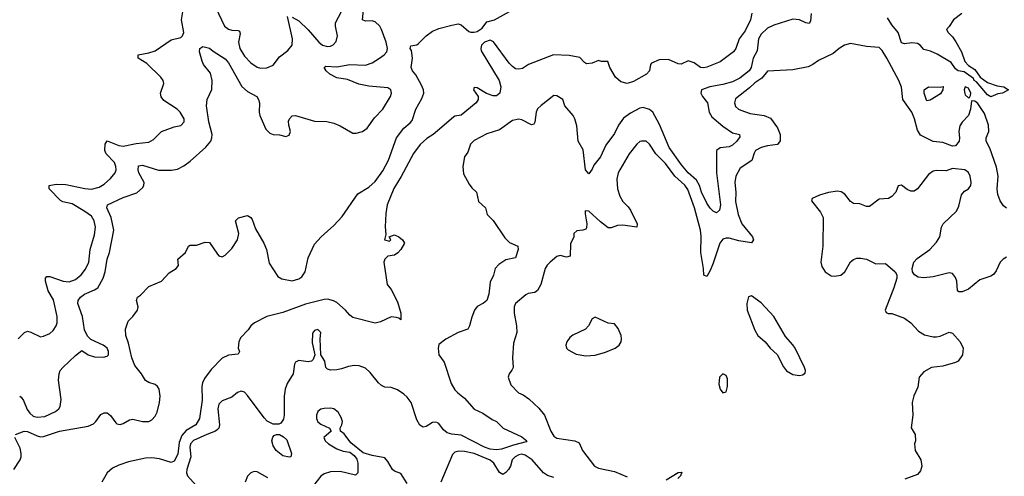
# Model space of a CAD drawing. Header units: inches. Extents: x 1384664 to 1536621, y 460766 to 646467.
# Tile 347 of 488: x 1417380 to 1423555, y 572467 to 575331. Entities that reach past the tile are written whole.
import ezdxf

# ---------------------------------------------------------------- set-up
doc = ezdxf.new("R2010")
doc.units = ezdxf.units.IN
doc.header["$MEASUREMENT"] = 0
doc.layers.add('B4517', color=7, linetype='Continuous')
doc.layers.add('B4527', color=7, linetype='Continuous')

msp = doc.modelspace()

# ---------------------------------------------------------------- linework, layer by layer
at = {"layer": 'B4517', "color": 5}
for points, elevation in [([(1418588.9, 575448.9), (1418665.3, 575290), (1418690.6, 575270.6), (1418710, 575264.8), (1418750, 575263.6), (1418758, 575258), (1418763.4, 575243.4), (1418753.5, 575190), (1418760.7, 575150), (1418790, 575102.6), (1418830, 575059.2), (1418870, 575032.8), (1418890, 575027.7), (1418930, 575028.2), (1418970, 575044.9), (1419010, 575097.4), (1419062.4, 575137.6), (1419089.8, 575170.2), (1419092, 575210), (1419059, 575350)], 680), ([(1417371.1, 573328.9), (1417410, 573368.9), (1417430, 573377), (1417450, 573372), (1417510, 573342.4), (1417530, 573345.3), (1417570, 573363.6), (1417590, 573380.9), (1417609.8, 573410), (1417614.9, 573430), (1417615.5, 573470), (1417593.3, 573573.3), (1417559.8, 573630), (1417542.7, 573690), (1417542, 573710), (1417550, 573719.5), (1417570, 573721.3), (1417653.4, 573690), (1417690, 573686), (1417730, 573700.9), (1417765.5, 573730), (1417793.8, 573766.2), (1417813.4, 573810), (1417821.8, 573890), (1417850, 573981.6), (1417855.3, 574030), (1417848.1, 574070), (1417830, 574098.6), (1417790, 574128.5), (1417710, 574175), (1417650, 574188), (1417636.4, 574196.4), (1417564.7, 574270), (1417565.2, 574290), (1417610, 574300.2), (1417670, 574297.4), (1417790, 574271.3), (1417830, 574267.3), (1417878.6, 574281.4), (1417910, 574300.2), (1417950, 574334.2), (1417980.2, 574370), (1417986.1, 574390), (1417984.3, 574410), (1417974.3, 574434.3), (1417923.5, 574490), (1417913.6, 574510), (1417916, 574550), (1417928.8, 574571.2), (1418002, 574542), (1418030, 574537.7), (1418110, 574553.8), (1418190, 574563.5), (1418220.3, 574579.7), (1418270, 574630.4), (1418350, 574658.4), (1418390, 574666.7), (1418412.8, 574690), (1418412.1, 574710), (1418387.4, 574750), (1418368.2, 574770), (1418284.8, 574824.8), (1418267.7, 574847.7), (1418264.4, 574870), (1418283.5, 574930), (1418279.7, 574950), (1418266.2, 574970), (1418176.9, 575056.9), (1418124.2, 575090), (1418122.9, 575110), (1418190, 575121.9), (1418230, 575135.3), (1418330, 575205), (1418390, 575219.5), (1418402.4, 575230), (1418409.3, 575250), (1418396.1, 575330), (1418410.9, 575430)], 680), ([(1417380.4, 572970), (1417390, 572964), (1417403.3, 572943.3), (1417426.9, 572886.9), (1417444.1, 572864.1), (1417465.4, 572845.4), (1417490, 572837.2), (1417537.8, 572842.2), (1417605.6, 572874.4), (1417626.6, 572890), (1417635.3, 572904.7), (1417641.4, 572950), (1417624.7, 573070), (1417627, 573110), (1417635.1, 573130), (1417651, 573149), (1417730, 573225.7), (1417770, 573255.5), (1417810.6, 573230), (1417850, 573216.5), (1417905.4, 573214.6), (1417930, 573220.5), (1417938.4, 573230), (1417937.4, 573250), (1417928, 573270), (1417918.5, 573278.5), (1417902.9, 573290), (1417825.6, 573325.6), (1417805.1, 573345.1), (1417786.3, 573386.3), (1417774, 573470), (1417746, 573550), (1417747.8, 573570), (1417762.7, 573590), (1417786.2, 573610), (1417850, 573635.8), (1417869.8, 573650), (1417903.2, 573710), (1417916.9, 573750), (1417929.9, 573830), (1417942.7, 573870), (1417969.8, 574010), (1417953.5, 574090), (1417927.7, 574150), (1417931.2, 574168.8), (1418030, 574214.8), (1418115.3, 574244.7), (1418150, 574275.5), (1418159.7, 574290), (1418161.3, 574310), (1418127.3, 574370), (1418122.5, 574390), (1418125.2, 574414.8), (1418150, 574419.1), (1418250, 574387), (1418332.6, 574387.4), (1418370, 574394.3), (1418410, 574413.4), (1418450, 574444), (1418548.5, 574531.5), (1418578.2, 574570), (1418585.8, 574590), (1418587.1, 574610), (1418566, 574690), (1418551, 574790), (1418556.8, 574830), (1418586.1, 574893.9), (1418587.6, 574950), (1418576.4, 574996.4), (1418533.7, 575050), (1418524.4, 575070), (1418507.3, 575130), (1418510, 575151), (1418530, 575162.4), (1418570, 575152.4), (1418592.8, 575132.8), (1418670, 575085.3), (1418690, 575059.5), (1418772.8, 574912.8), (1418810, 574879.7), (1418868.1, 574848.1), (1418878.9, 574830), (1418883.7, 574810), (1418883.1, 574750), (1418887, 574730), (1418924.4, 574644.4), (1418950, 574619.1), (1418970, 574610.6), (1419010, 574608), (1419050, 574599.1), (1419070, 574607.3), (1419078.4, 574630), (1419067.3, 574670), (1419065.6, 574694.4), (1419071.5, 574708.5), (1419090, 574727.3), (1419109.6, 574730.4), (1419230, 574694), (1419307.4, 574692.6), (1419350, 574682.3), (1419390, 574665.2), (1419470, 574619.6), (1419490, 574618.5), (1419530, 574630.2), (1419559.7, 574650), (1419604.9, 574715.1), (1419656.8, 574770), (1419706.9, 574850), (1419712.4, 574870), (1419707.6, 574890), (1419690, 574902.6), (1419570, 574913.9), (1419506.5, 574926.5), (1419435.2, 574955.2), (1419370, 574966.1), (1419326.4, 574990), (1419302, 575010), (1419289.5, 575030.5), (1419301.2, 575038.8), (1419370, 575036.1), (1419449.9, 575050.1), (1419550, 575045.5), (1419590, 575060.9), (1419637.7, 575090), (1419667.1, 575110), (1419683.1, 575130), (1419687.8, 575150), (1419679.5, 575190), (1419650, 575269.7), (1419638.3, 575290), (1419610, 575316.8), (1419590, 575323), (1419550, 575322.2), (1419529.8, 575329.8), (1419537.9, 575410)], 660), ([(1419090, 575346.2), (1419130, 575323), (1419190, 575266.8), (1419255.9, 575190), (1419278.9, 575170), (1419310, 575162.5), (1419330, 575163.9), (1419346.8, 575173.2), (1419365.1, 575194.9), (1419373.7, 575230), (1419361, 575290), (1419361.9, 575310), (1419397.7, 575382.3)], 680), ([(1417355.1, 572730), (1417409.4, 572750), (1417430, 572748.9), (1417490, 572720.4), (1417510, 572715.7), (1417530, 572717.8), (1417630, 572751.2), (1417810, 572781.9), (1417843.4, 572796.6), (1417858.5, 572810), (1417890, 572854.9), (1417910, 572866.4), (1417930, 572866), (1417950, 572848.2), (1417983.4, 572803.4), (1417990, 572797.4), (1418010, 572792.7), (1418030, 572797.6), (1418070, 572820.9), (1418090, 572826.2), (1418150, 572811), (1418190, 572811.8), (1418210, 572822.3), (1418230, 572844.4), (1418242.3, 572870), (1418256.9, 572930), (1418260.4, 572970), (1418254.1, 573014.1), (1418245.3, 573030), (1418230, 573042.5), (1418190, 573055.3), (1418170, 573067.6), (1418143.9, 573110), (1418102.5, 573162.5), (1418083.8, 573210), (1418061.8, 573301.8), (1418045.4, 573350), (1418043.5, 573390), (1418060, 573440), (1418090.6, 573469.4), (1418118.3, 573510), (1418122.4, 573530), (1418112.3, 573570), (1418119.3, 573590), (1418137.2, 573602.7), (1418190, 573657.1), (1418270, 573690.4), (1418317.4, 573742.6), (1418362.6, 573770), (1418376, 573790), (1418372.7, 573830), (1418419.3, 573870), (1418439, 573910), (1418450, 573917.3), (1418490, 573917.1), (1418544.4, 573935.6), (1418570, 573932.7), (1418620.9, 573860.9), (1418630, 573850.8), (1418650, 573842.8), (1418670, 573854), (1418710, 573895.3), (1418746.4, 573950), (1418754, 573990), (1418734, 574070), (1418752.7, 574087.3), (1418810, 574102.8), (1418830, 574090.8), (1418838, 574078), (1418859.3, 574019.3), (1418912.2, 573930), (1418928.4, 573890), (1418944.5, 573804.5), (1418999.5, 573719.5), (1419024.9, 573704.9), (1419090, 573693.7), (1419130, 573705.2), (1419150, 573718.9), (1419171.7, 573750), (1419190, 573837.3), (1419230, 573923.8), (1419271.8, 573970), (1419350, 574040.2), (1419403.5, 574096.5), (1419500.6, 574239.4), (1419570, 574280.8), (1419610, 574316.5), (1419656.8, 574383.2), (1419694, 574450), (1419743.7, 574590), (1419789.4, 574650.6), (1419830, 574683.6), (1419840.9, 574699.1), (1419865.2, 574770), (1419903.3, 574836.7), (1419914.8, 574870), (1419912.8, 574890), (1419899.5, 574919.5), (1419863.9, 574983.9), (1419842.9, 575010), (1419836.2, 575030), (1419843.1, 575090), (1419837, 575137), (1419829.7, 575150.3), (1419833.2, 575166.8), (1419870, 575173.4), (1419880.3, 575179.7), (1419928.7, 575230), (1419970, 575259.7), (1420000, 575271.6)], 640), ([(1420000, 574633), (1419972.8, 574610), (1419933.9, 574586.1), (1419891.6, 574548.4), (1419850, 574491.1), (1419773.3, 574346.7), (1419727.4, 574272.6), (1419685.7, 574170), (1419676.2, 574116.2), (1419671.7, 574031.7), (1419676.9, 573983.1), (1419667.7, 573950), (1419699, 573941), (1419708, 573950), (1419698, 573970), (1419730, 573980.7), (1419758.8, 573970), (1419781, 573950), (1419792.7, 573930), (1419770.5, 573890), (1419751.5, 573868.5), (1419730, 573854.7), (1419690, 573847.6), (1419670.4, 573830), (1419664.9, 573810), (1419684.7, 573670), (1419710, 573638), (1419750, 573562), (1419770.8, 573490), (1419770.5, 573449.5), (1419759, 573459), (1419743.7, 573463.7), (1419710, 573467.3), (1419643.4, 573436.6), (1419610, 573428.6), (1419470, 573463.1), (1419450, 573476.9), (1419423.8, 573510), (1419370, 573557), (1419348.3, 573568.3), (1419310, 573577.4), (1419290, 573576.5), (1419172.7, 573547.3), (1419030, 573494.4), (1418930.1, 573469.9), (1418852.2, 573430), (1418829.5, 573410.5), (1418813.2, 573386.8), (1418765, 573335), (1418754.7, 573310), (1418751.5, 573271.5), (1418758, 573250), (1418750, 573234), (1418690, 573226), (1418651, 573209), (1418581.9, 573138.1), (1418539.3, 573080.7), (1418526.3, 573053.7), (1418522.1, 573030), (1418525.4, 572945.4), (1418509.1, 572830), (1418485.2, 572790), (1418424.9, 572755.1), (1418396.9, 572723.1), (1418381.2, 572678.8), (1418373.2, 572606.8), (1418350, 572562.2), (1418330, 572553.5), (1418256.8, 572576.8), (1418210, 572582.6), (1418170, 572580.5), (1418062.9, 572557.1), (1418002.4, 572537.6), (1417962.2, 572517.8), (1417929, 572490), (1417896.5, 572430)], 640), ([(1420000, 572803.2), (1419990, 572807.8), (1419970, 572804.8), (1419930, 572780.5), (1419910, 572775.8), (1419890, 572788.2), (1419870, 572821.3), (1419836, 572930), (1419810, 572963.1), (1419790, 572982.6), (1419750, 573009.6), (1419710, 573023.7), (1419670, 573026), (1419650, 573037), (1419630, 573054.5), (1419579.2, 573119.2), (1419550, 573145.4), (1419510, 573159.1), (1419478.6, 573161.5), (1419443.2, 573156.8), (1419399.6, 573140.4), (1419370, 573134.7), (1419330, 573132), (1419310, 573139), (1419301.2, 573150), (1419293.2, 573190), (1419268, 573230), (1419265.2, 573330), (1419268.9, 573368.9), (1419250, 573388.7), (1419230, 573382), (1419216, 573364), (1419215.3, 573304.7), (1419232, 573230), (1419220.7, 573199.3), (1419210.5, 573189.5), (1419190, 573184.5), (1419130, 573194), (1419110, 573182.7), (1419104.2, 573170), (1419096.5, 573110), (1419057.4, 573050), (1419045.8, 573014.2), (1419038.8, 572970), (1419039.1, 572850), (1419034.1, 572825.9), (1419018.5, 572801.5), (1419005.2, 572794.8), (1418970, 572794.6), (1418933.2, 572813.2), (1418913.8, 572833.8), (1418810, 572975.1), (1418790, 572995.5), (1418770, 573000.3), (1418747.3, 572992.7), (1418710, 572964.4), (1418650, 572941.1), (1418630, 572920.5), (1418622.4, 572890), (1418633.6, 572790), (1418629.1, 572770), (1418620.1, 572759.9), (1418608.8, 572750), (1418553.8, 572730), (1418470, 572691), (1418452.3, 572670), (1418448.1, 572650), (1418454.3, 572590), (1418428.6, 572510), (1418426.3, 572490), (1418433.1, 572470), (1418486.4, 572410)], 660), ([(1419810, 572422.4), (1419770, 572484.2), (1419730, 572499.7), (1419718.7, 572510), (1419690, 572560.5), (1419670, 572582.4), (1419590, 572596.8), (1419535.4, 572615.4), (1419457, 572677), (1419414.5, 572734.5), (1419393.2, 572750), (1419389.2, 572770), (1419400.7, 572790), (1419404.7, 572810), (1419396.3, 572836.3), (1419377.7, 572870), (1419350, 572890.9), (1419330, 572894.8), (1419290, 572892.8), (1419270, 572888.8), (1419250, 572874.2), (1419240.8, 572850), (1419241.1, 572830), (1419250, 572809.2), (1419270, 572795), (1419324, 572770), (1419334.8, 572750), (1419288, 572710), (1419295.5, 572690), (1419317.1, 572670), (1419370, 572639), (1419410, 572624), (1419450, 572619.1), (1419478.3, 572598.3), (1419493.8, 572573.8), (1419500.7, 572550), (1419502, 572490), (1419486.1, 572473.9), (1419390, 572496.7), (1419330, 572494.9), (1419290, 572483.5), (1419270, 572468.6), (1419222, 572410)], 680), ([(1417343.8, 572510), (1417383.8, 572570), (1417389.9, 572590), (1417390.5, 572610), (1417383.1, 572643.1), (1417350.9, 572710)], 640), ([(1418937.5, 572457.5), (1418870, 572495.8), (1418850, 572498), (1418830, 572489.4), (1418810, 572469.2), (1418794.4, 572430)], 680)]:
    msp.add_lwpolyline(points, dxfattribs=dict(at, elevation=elevation))
at = {"layer": 'B4517', "color": 5, "elevation": 660}
msp.add_lwpolyline([(1419070, 572586.6), (1419030, 572595.8), (1418988.3, 572628.3), (1418970, 572658.7), (1418962.4, 572690), (1418967.2, 572712.8), (1418976.3, 572723.7), (1418990, 572730.3), (1419010, 572729.2), (1419035.1, 572715.1), (1419055.5, 572695.5), (1419085.5, 572610), (1419081, 572590)], close=True, dxfattribs=at)
at = {"layer": 'B4527', "color": 5}
for points, elevation in [([(1420000, 575271.6), (1420010, 575275.5), (1420090, 575296.1), (1420130, 575303.7), (1420150, 575298.7), (1420197.4, 575257.4), (1420210, 575252.4), (1420230, 575251.5), (1420250, 575256.9), (1420281.4, 575278.6), (1420310, 575317.3), (1420357.2, 575330), (1420490, 575403)], 640), ([(1421971, 575371), (1421962.8, 575330), (1421930, 575261.2), (1421892.7, 575210), (1421872.2, 575150), (1421857.1, 575130), (1421773.9, 575066.1), (1421690, 575032), (1421670, 575028), (1421649, 575030), (1421610, 575061.2), (1421573.6, 575073.6), (1421527.7, 575052.3), (1421510, 575054), (1421450, 575080.7), (1421390, 575079), (1421342.5, 575057.5), (1421336, 575050), (1421330.7, 575010), (1421310.7, 574990), (1421230, 574944), (1421190, 574931.6), (1421150, 574942), (1421116, 574970), (1421081.2, 575030), (1421068, 575068), (1421029.1, 575069.1), (1421010, 575075.3), (1420970, 575059), (1420934.6, 575054.6), (1420922, 575062), (1420894.2, 575094.2), (1420826.5, 575106.5), (1420728.8, 575111.2), (1420570.5, 575049.5), (1420534.6, 575025.4), (1420510, 575020.9), (1420490, 575022.9), (1420470, 575036.2), (1420450, 575058.9), (1420352.5, 575192.5), (1420330, 575201.3), (1420296.3, 575190), (1420276.2, 575170), (1420271.9, 575150), (1420275, 575135), (1420387.2, 574950), (1420396.9, 574910), (1420391.7, 574870), (1420370, 574852.8), (1420350, 574852.3), (1420307.2, 574867.2), (1420250, 574902.7), (1420230, 574906), (1420226.8, 574890), (1420254.9, 574850), (1420256.3, 574830), (1420243.7, 574810), (1420150, 574732.6), (1420110, 574725.1), (1420101.3, 574718.7), (1420000, 574633)], 640), ([(1422343.8, 575370), (1422339.2, 575320.8), (1422332.4, 575307.6), (1422310, 575311), (1422270, 575330.6), (1422230, 575334.7), (1422110, 575296.8), (1422070, 575277.5), (1422030, 575239.5), (1422013.3, 575210), (1422005.4, 575134.6), (1421980.8, 575090), (1421968.3, 575030), (1421955.7, 575010), (1421896.3, 574963.7), (1421850, 574941.9), (1421790, 574925.1), (1421708, 574910), (1421656.5, 574890), (1421651.6, 574870), (1421661.5, 574850), (1421693.4, 574810), (1421704.5, 574750), (1421721.5, 574721.5), (1421790, 574662.7), (1421850, 574620.9), (1421894.8, 574610), (1421896.5, 574596.5), (1421878.6, 574570), (1421850, 574542.9), (1421830, 574533.8), (1421772.7, 574527.3), (1421749.3, 574510.7), (1421749.4, 574370), (1421775.5, 574170), (1421770, 574137.2), (1421750, 574119), (1421730, 574129.4), (1421710, 574148.2), (1421690, 574180.4), (1421656.1, 574250), (1421644.2, 574290), (1421624.3, 574324.3), (1421573.5, 574370), (1421530, 574419.9), (1421453.2, 574530), (1421393.7, 574673.7), (1421351.2, 574750), (1421330, 574768.1), (1421290, 574779.4), (1421270, 574776.5), (1421210, 574745), (1421166.8, 574713.2), (1421135.5, 574670), (1421110, 574616.2), (1421056.5, 574543.5), (1421023.9, 574470), (1420981.6, 574418.4), (1420970, 574392.7), (1420950, 574364.5), (1420929.8, 574390), (1420914.3, 574514.3), (1420883, 574570), (1420875.2, 574664.8), (1420862.5, 574710), (1420850.8, 574730), (1420799.7, 574790), (1420787.3, 574830), (1420750, 574853.6), (1420730, 574855.1), (1420650, 574793.3), (1420628.6, 574771.4), (1420618.6, 574750), (1420611.6, 574688.4), (1420604.5, 574675.5), (1420590, 574672), (1420530, 574703.6), (1420510, 574707.3), (1420470, 574697.6), (1420390, 574640.8), (1420310, 574615.6), (1420230, 574574), (1420207.6, 574550), (1420190, 574499), (1420169, 574471), (1420160.3, 574410), (1420164.4, 574364.4), (1420199.5, 574299.5), (1420216.4, 574276.4), (1420244.7, 574250), (1420258, 574190), (1420301, 574150), (1420311.3, 574110), (1420350, 574070.8), (1420423.8, 573963.8), (1420453.2, 573933.3), (1420504, 573910), (1420506.3, 573890), (1420490, 573837), (1420430, 573823.9), (1420385.4, 573794.6), (1420362.8, 573770), (1420352.3, 573727.7), (1420330, 573684), (1420322.2, 573610), (1420310.2, 573569.8), (1420290, 573553), (1420250, 573531.3), (1420233.4, 573510), (1420215.5, 573464.5), (1420201.7, 573410), (1420190, 573389.5), (1420130, 573368.4), (1420052.8, 573327.2), (1420010, 573293), (1420004.5, 573270), (1420009.3, 573230), (1420042.8, 573182.8), (1420087, 573050), (1420110, 573008.8), (1420127.4, 572990), (1420170, 572956.5), (1420230, 572889.3), (1420284.3, 572864.3), (1420343.6, 572823.6), (1420371.5, 572810), (1420411.8, 572770), (1420530, 572714.3), (1420560.3, 572690), (1420557.5, 572682.5), (1420477, 572663), (1420402, 572638), (1420370, 572634.3), (1420330, 572637.6), (1420295, 572650), (1420150, 572724.7), (1420090, 572730.7), (1420060.8, 572740.8), (1420039.1, 572759.1), (1420010, 572798.5), (1420000, 572803.2)], 660), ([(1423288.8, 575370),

------------------------------

From the data above, output exactly the lines between the one containing "import ezdxf" and the one containing "layer by layer", counting both of them.

TASK RESULT
import ezdxf

# ---------------------------------------------------------------- set-up
doc = ezdxf.new("R2010")
doc.units = ezdxf.units.IN
doc.header["$MEASUREMENT"] = 0
doc.layers.add('B4517', color=7, linetype='Continuous')
doc.layers.add('B4527', color=7, linetype='Continuous')

msp = doc.modelspace()

# ---------------------------------------------------------------- linework, layer by layer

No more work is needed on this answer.